JMESPath query string. See http://jmespath.org/ for more information and examples.

--subscription

Name or ID of subscription. You can configure the default subscription using az account set -s NAME_OR_ID.

--verbose

Increase logging verbosity. Use --debug for full debug logs.

az ml environment update

Update an environment.

Only the 'description' and 'tags' properties can be updated.

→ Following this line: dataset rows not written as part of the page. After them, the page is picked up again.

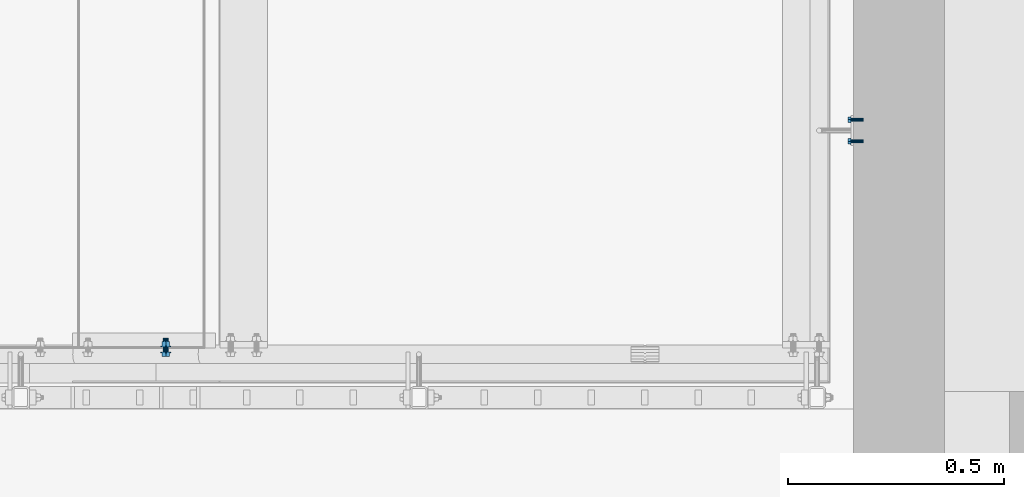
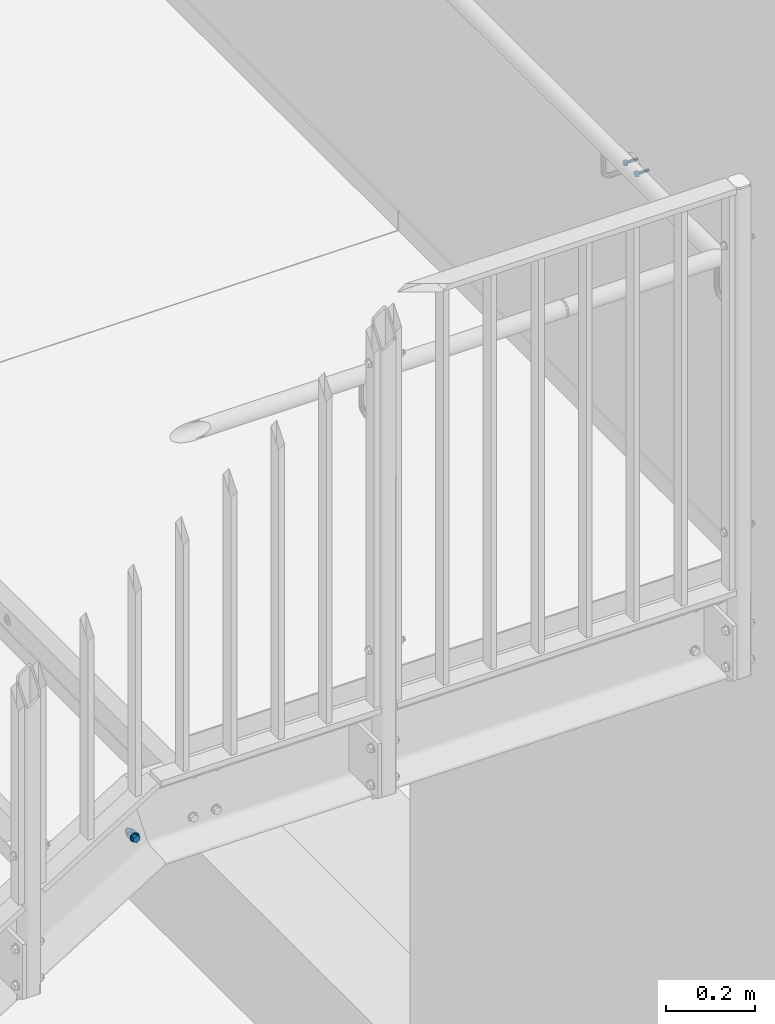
# One storey, part 301 of 410: 2 mechanical fasteners.
"""IFC2X3 building model written with IfcOpenShell, lengths in millimetres."""

import ifcopenshell
import ifcopenshell.guid

model = None  # the IFC model being written
_history = None  # IfcOwnerHistory: only IFC2X3 demands one
_inside = {}  # id of a spatial element -> (the spatial element, [elements in it])
_under = {}  # id of a project, library or spatial element -> (it, [spatial elements below it])
_declared = {}  # id of a project -> (the project, [libraries it declares])
_typed = {}  # id of a type object -> (the type object, [elements of that type])
_made_of = {}  # id of a material, layer set ... -> (it, [elements and type objects made of it])


def new_model(schema):
    """Start an empty IFC model of exactly this schema.

    Asked for "IFC4X3", IfcOpenShell would pick the latest addendum, in which some entities
    have other attributes; the version numbers below select the first issue.
    IFC2X3 requires an IfcOwnerHistory on every rooted entity: one is made here for all.
    """
    global model, _history
    if schema == "IFC4X3":
        model = ifcopenshell.file(schema_version=(4, 3, 0, 0))
    else:
        model = ifcopenshell.file(schema=schema)
    _inside.clear()
    _under.clear()
    _declared.clear()
    _typed.clear()
    _made_of.clear()
    _history = None
    if model.schema == "IFC2X3":
        org = make("IfcOrganization", Name="unknown")
        user = make(
            "IfcPersonAndOrganization",
            ThePerson=make("IfcPerson", FamilyName="unknown"),
            TheOrganization=org,
        )
        app = make(
            "IfcApplication",
            ApplicationDeveloper=org,
            Version="unknown",
            ApplicationFullName="unknown",
            ApplicationIdentifier="unknown",
        )
        _history = make(
            "IfcOwnerHistory",
            OwningUser=user,
            OwningApplication=app,
            ChangeAction="ADDED",
            CreationDate=0,
        )
    return model


def make(cls, **values):
    """One entity of the class cls with the attributes given. An attribute that is None is left unset."""
    return model.create_entity(
        cls, **{name: value for name, value in values.items() if value is not None}
    )


def entity(cls, *values):
    """Any entity or typed value of the class cls, its attributes in the order of the schema. None: left unset."""
    e = model.create_entity(cls)
    for i, value in enumerate(values):
        if value is not None:
            e[i] = value
    return e


def rooted(cls, **values):
    """An entity with a GlobalId (a new one), such as an element, a storey or a relation."""
    return make(cls, GlobalId=ifcopenshell.guid.new(), OwnerHistory=_history, **values)


def si_unit(unit_type, name, prefix=None):
    """IfcSIUnit, for example si_unit("LENGTHUNIT", "METRE", prefix="MILLI")."""
    return make("IfcSIUnit", UnitType=unit_type, Prefix=prefix, Name=name)


def converted_unit(unit_type, name, factor, base, dimensions=None, offset=None):
    """IfcConversionBasedUnit, such as the inch: factor (a typed value) times the base unit."""
    return make(
        "IfcConversionBasedUnit"
        if offset is None
        else "IfcConversionBasedUnitWithOffset",
        ConversionOffset=offset,
        Dimensions=None
        if dimensions is None
        else entity("IfcDimensionalExponents", *dimensions),
        UnitType=unit_type,
        Name=name,
        ConversionFactor=make(
            "IfcMeasureWithUnit", ValueComponent=factor, UnitComponent=base
        ),
    )


def assignment(units):
    """IfcUnitAssignment: the units of a project."""
    return None if units is None else make("IfcUnitAssignment", Units=units)


def point(xyz):
    """IfcCartesianPoint."""
    return None if xyz is None else make("IfcCartesianPoint", Coordinates=xyz)


def direction(xyz):
    """IfcDirection."""
    return None if xyz is None else make("IfcDirection", DirectionRatios=xyz)


def frame(location, z_axis=None, x_axis=None):
    """IfcAxis2Placement3D, a coordinate frame: its origin and axes. An axis left out is left unset."""
    return make(
        "IfcAxis2Placement3D",
        Location=point(location),
        Axis=direction(z_axis),
        RefDirection=direction(x_axis),
    )


def origin_with_axes():
    """The frame at (0, 0, 0) with the z axis (0, 0, 1) and the x axis (1, 0, 0) written out."""
    return frame((0.0, 0.0, 0.0), z_axis=(0.0, 0.0, 1.0), x_axis=(1.0, 0.0, 0.0))


def place(relative_to, where):
    """IfcLocalPlacement: puts the frame where relative to a parent placement (None: the world)."""
    return make(
        "IfcLocalPlacement", PlacementRelTo=relative_to, RelativePlacement=where
    )


def context(
    kind, dimensions, precision=None, world=None, true_north=None, identifier=None
):
    """IfcGeometricRepresentationContext, for example the 3D "Model" context."""
    return make(
        "IfcGeometricRepresentationContext",
        ContextIdentifier=identifier,
        ContextType=kind,
        CoordinateSpaceDimension=dimensions,
        Precision=precision,
        WorldCoordinateSystem=world,
        TrueNorth=true_north,
    )


def project(units=None, contexts=None):
    """IfcProject with its units and contexts."""
    return rooted(
        "IfcProject",
        Name="project",
        RepresentationContexts=contexts,
        UnitsInContext=assignment(units),
    )


def spatial(cls, under=None, at=None, **own):
    """A site, building, storey or space (cls), placed at a placement, below another one or the project."""
    s = rooted(cls, ObjectPlacement=at, **own)
    if under is not None:
        _under.setdefault(under.id(), (under, []))[1].append(s)
    return s


def faces_of(points, faces, orient=None, outer=None):
    """IfcFace entities. A face is a list of loops; a loop is a list of indices into points, from 0.

    orient and outer hold one flag for each loop. By default every Orientation is true, the
    first loop of a face is its IfcFaceOuterBound and the others are IfcFaceBound.
    """
    made = []
    for i, loops in enumerate(faces):
        bounds = []
        for j, loop in enumerate(loops):
            is_outer = j == 0 if outer is None else outer[i][j]
            bounds.append(
                make(
                    "IfcFaceOuterBound" if is_outer else "IfcFaceBound",
                    Bound=make("IfcPolyLoop", Polygon=[points[k] for k in loop]),
                    Orientation=True if orient is None else orient[i][j],
                )
            )
        made.append(make("IfcFace", Bounds=bounds))
    return made


def faceted_brep(points, faces, orient=None, outer=None, voids=None):
    """IfcFacetedBrep: a solid bounded by flat faces; with voids (closed shells), ...WithVoids."""
    shared = [point(p) for p in points]
    hull = make("IfcClosedShell", CfsFaces=faces_of(shared, faces, orient, outer))
    if voids is None:
        return make("IfcFacetedBrep", Outer=hull)
    return make(
        "IfcFacetedBrepWithVoids",
        Outer=hull,
        Voids=[
            make(cls, CfsFaces=faces_of(shared, fs, o, b)) for cls, fs, o, b in voids
        ],
    )


def shape(context_of_items, identifier, shape_type, items):
    """IfcShapeRepresentation: the items that make up one representation, for example the "Body"."""
    return make(
        "IfcShapeRepresentation",
        ContextOfItems=context_of_items,
        RepresentationIdentifier=identifier,
        RepresentationType=shape_type,
        Items=items,
    )


def made_of(thing, what):
    """Note that an element or type object is made of a material, layer set ...; save() writes the relation."""
    if what is not None:
        _made_of.setdefault(what.id(), (what, []))[1].append(thing)
    return thing


def element(
    cls,
    number,
    at=None,
    inside=None,
    cuts=None,
    type_object=None,
    material=None,
    context=None,
    identifier="Body",
    shape_type=None,
    held_by="IfcProductDefinitionShape",
    body=None,
    shapes=None,
    **own,
):
    """One element of the class cls, such as IfcWall. Its Tag is "e" and its number.

    at: its placement. inside: the storey or other place that contains it. cuts: it is an
    opening in that element (IfcRelVoidsElement). A single representation is given by context,
    identifier, shape_type and body (its items); several are given by shapes. held_by: the class
    of the entity that holds the representations. save() writes the other relations.
    """
    e = rooted(cls, Tag="e%d" % number, ObjectPlacement=at, **own)
    if body is not None:
        shapes = [shape(context, identifier, shape_type, body)]
    if shapes is not None:
        e.Representation = make(held_by, Representations=shapes)
    if inside is not None:
        _inside.setdefault(inside.id(), (inside, []))[1].append(e)
    if cuts is not None:
        rooted(
            "IfcRelVoidsElement", RelatingBuildingElement=cuts, RelatedOpeningElement=e
        )
    if type_object is not None:
        _typed.setdefault(type_object.id(), (type_object, []))[1].append(e)
    return made_of(e, material)


def aggregate(whole, parts):
    """IfcRelAggregates: a whole, such as a stair, and the parts it consists of."""
    return rooted("IfcRelAggregates", RelatingObject=whole, RelatedObjects=parts)


def save(model, path):
    """Write the relations noted so far, then the file.

    IfcRelAggregates (storeys below a building ...), IfcRelContainedInSpatialStructure (elements
    in a storey), IfcRelDefinesByType, IfcRelAssociatesMaterial and IfcRelDeclares: one each for
    every whole, place, type object, material and project.
    """
    for whole, parts in _under.values():
        aggregate(whole, parts)
    for where, things in _inside.values():
        rooted(
            "IfcRelContainedInSpatialStructure",
            RelatedElements=things,
            RelatingStructure=where,
        )
    for kind, things in _typed.values():
        rooted("IfcRelDefinesByType", RelatedObjects=things, RelatingType=kind)
    for what, things in _made_of.values():
        rooted("IfcRelAssociatesMaterial", RelatedObjects=things, RelatingMaterial=what)
    for by, libraries in _declared.values():
        rooted("IfcRelDeclares", RelatingContext=by, RelatedDefinitions=libraries)
    model.write(path)


model = new_model("IFC2X3")

# Units and contexts
model_context = context("Model", 3, precision=1e-09, world=origin_with_axes())
ifc_project = project(units=[si_unit("LENGTHUNIT", "METRE", prefix="MILLI"), si_unit("AREAUNIT", "SQUARE_METRE"), si_unit("VOLUMEUNIT", "CUBIC_METRE"), converted_unit("PLANEANGLEUNIT", "DEGREE", entity("IfcPlaneAngleMeasure", 0.01745329), si_unit("PLANEANGLEUNIT", "RADIAN"), dimensions=[0, 0, 0, 0, 0, 0, 0])], contexts=[model_context])

# Site, building, storey
site_placement = place(None, origin_with_axes())
site = spatial("IfcSite", under=ifc_project, at=site_placement, Name="mKR Teilneubau & Sanierung BA1 - Ostfildern", CompositionType="ELEMENT")
building_placement = place(site_placement, origin_with_axes())
building = spatial("IfcBuilding", under=site, at=building_placement, Name="Struktur 1", CompositionType="ELEMENT")
storey_placement = place(building_placement, origin_with_axes())
storey = spatial("IfcBuildingStorey", under=building, at=storey_placement, Name="Default Storey", CompositionType="ELEMENT", Elevation=0.0)

# Mechanical fasteners
mechanical_fastener_1_placement = place(None, origin_with_axes())
element("IfcMechanicalFastener", 1, at=mechanical_fastener_1_placement, inside=storey, ObjectType="Bolt", NominalDiameter=12.0, NominalLength=35.0, context=model_context, shape_type="Brep", body=[
    faceted_brep([(1688.0, 15508.499999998, -2379.4), (1688.0, 15510.999999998, -2379.4), (1688.230576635, 15510.999999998, -2381.741083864), (1688.230576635, 15508.499999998, -2381.741083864), (1688.91344561, 15510.999999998, -2383.992201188), (1688.91344561, 15508.499999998, -2383.992201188), (1690.022364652, 15510.999999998, -2386.066842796), (1690.022364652, 15508.499999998, -2386.066842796), (1691.514718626, 15510.999999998, -2387.885281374), (1691.514718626, 15508.499999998, -2387.885281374), (1693.333157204, 15510.999999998, -2389.377635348), (1693.333157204, 15508.499999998, -2389.377635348), (1695.407798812, 15510.999999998, -2390.48655439), (1695.407798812, 15508.499999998, -2390.48655439), (1697.658916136, 15510.999999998, -2391.169423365), (1697.658916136, 15508.499999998, -2391.169423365), (1700.0, 15510.999999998, -2391.4), (1700.0, 15508.499999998, -2391.4), (1702.341083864, 15510.999999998, -2391.169423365), (1702.341083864, 15508.499999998, -2391.169423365), (1704.592201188, 15510.999999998, -2390.48655439), (1704.592201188, 15508.499999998, -2390.48655439), (1706.666842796, 15510.999999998, -2389.377635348), (1706.666842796, 15508.499999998, -2389.377635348), (1708.485281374, 15510.999999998, -2387.885281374), (1708.485281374, 15508.499999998, -2387.885281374), (1709.977635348, 15510.999999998, -2386.066842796), (1709.977635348, 15508.499999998, -2386.066842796), (1711.08655439, 15510.999999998, -2383.992201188), (1711.08655439, 15508.499999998, -2383.992201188), (1711.769423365, 15510.999999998, -2381.741083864), (1711.769423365, 15508.499999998, -2381.741083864), (1712.0, 15510.999999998, -2379.4), (1712.0, 15508.499999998, -2379.4), (1711.769423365, 15510.999999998, -2377.058916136), (1711.769423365, 15508.499999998, -2377.058916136), (1711.08655439, 15510.999999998, -2374.807798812), (1711.08655439, 15508.499999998, -2374.807798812), (1709.977635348, 15510.999999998, -2372.733157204), (1709.977635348, 15508.499999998, -2372.733157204), (1708.485281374, 15510.999999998, -2370.914718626), (1708.485281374, 15508.499999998, -2370.914718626), (1706.666842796, 15510.999999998, -2369.422364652), (1706.666842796, 15508.499999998, -2369.422364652), (1704.592201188, 15510.999999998, -2368.31344561), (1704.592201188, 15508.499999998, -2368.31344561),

az ml environment update --name
                         [--add]
                         [--force-string]
                         [--label]
                         [--registry-name]
                         [--remove]
                         [--resource-group]
                         [--set]
                         [--version]
                         [--workspace-name]

Required Parameters

--name -n

Name of the environment.

Optional Parameters

--add

Add an object to a list of objects by specifying a path and key value pairs. Example: --add property.listProperty <key=value, string or JSON string>.

default value: []
--force-string

When using 'set' or 'add', preserve string literals instead of attempting to convert to JSON.

default value: False
--label -l

Label of the environment.

--registry-name

If provided, the command will target the registry instead of a workspace. Hence resource group and workspace won't be required.

--remove

Remove a property or an element from a list. Example: --remove property.list <indexToRemove> OR --remove propertyToRemove.

default value: []
--resource-group -g

Name of resource group. You can configure the default group using az configure --defaults group=<name>.

--set

Update an object by specifying a property path and value to set. Example: --set property1.property2=<value>.

default value: []
--version -v

Version of the environment.

--workspace-name -w

Name of the Azure ML workspace. You can configure the default workspace using az configure --defaults workspace=<name>.

Global Parameters
--debug

Increase logging verbosity to show all debug logs.

--help -h

Show this help message and exit.

--only-show-errors

Only show errors, suppressing warnings.

--output -o

Output format.

accepted values: json, jsonc, none, table, tsv, yaml, yamlc
default value: json
--query

JMESPath query string. See http://jmespath.org/ for more information and examples.

--subscription

Name or ID of subscription. You can configure the default subscription using az account set -s NAME_OR_ID.

--verbose

Increase logging verbosity. Use --debug for full debug logs.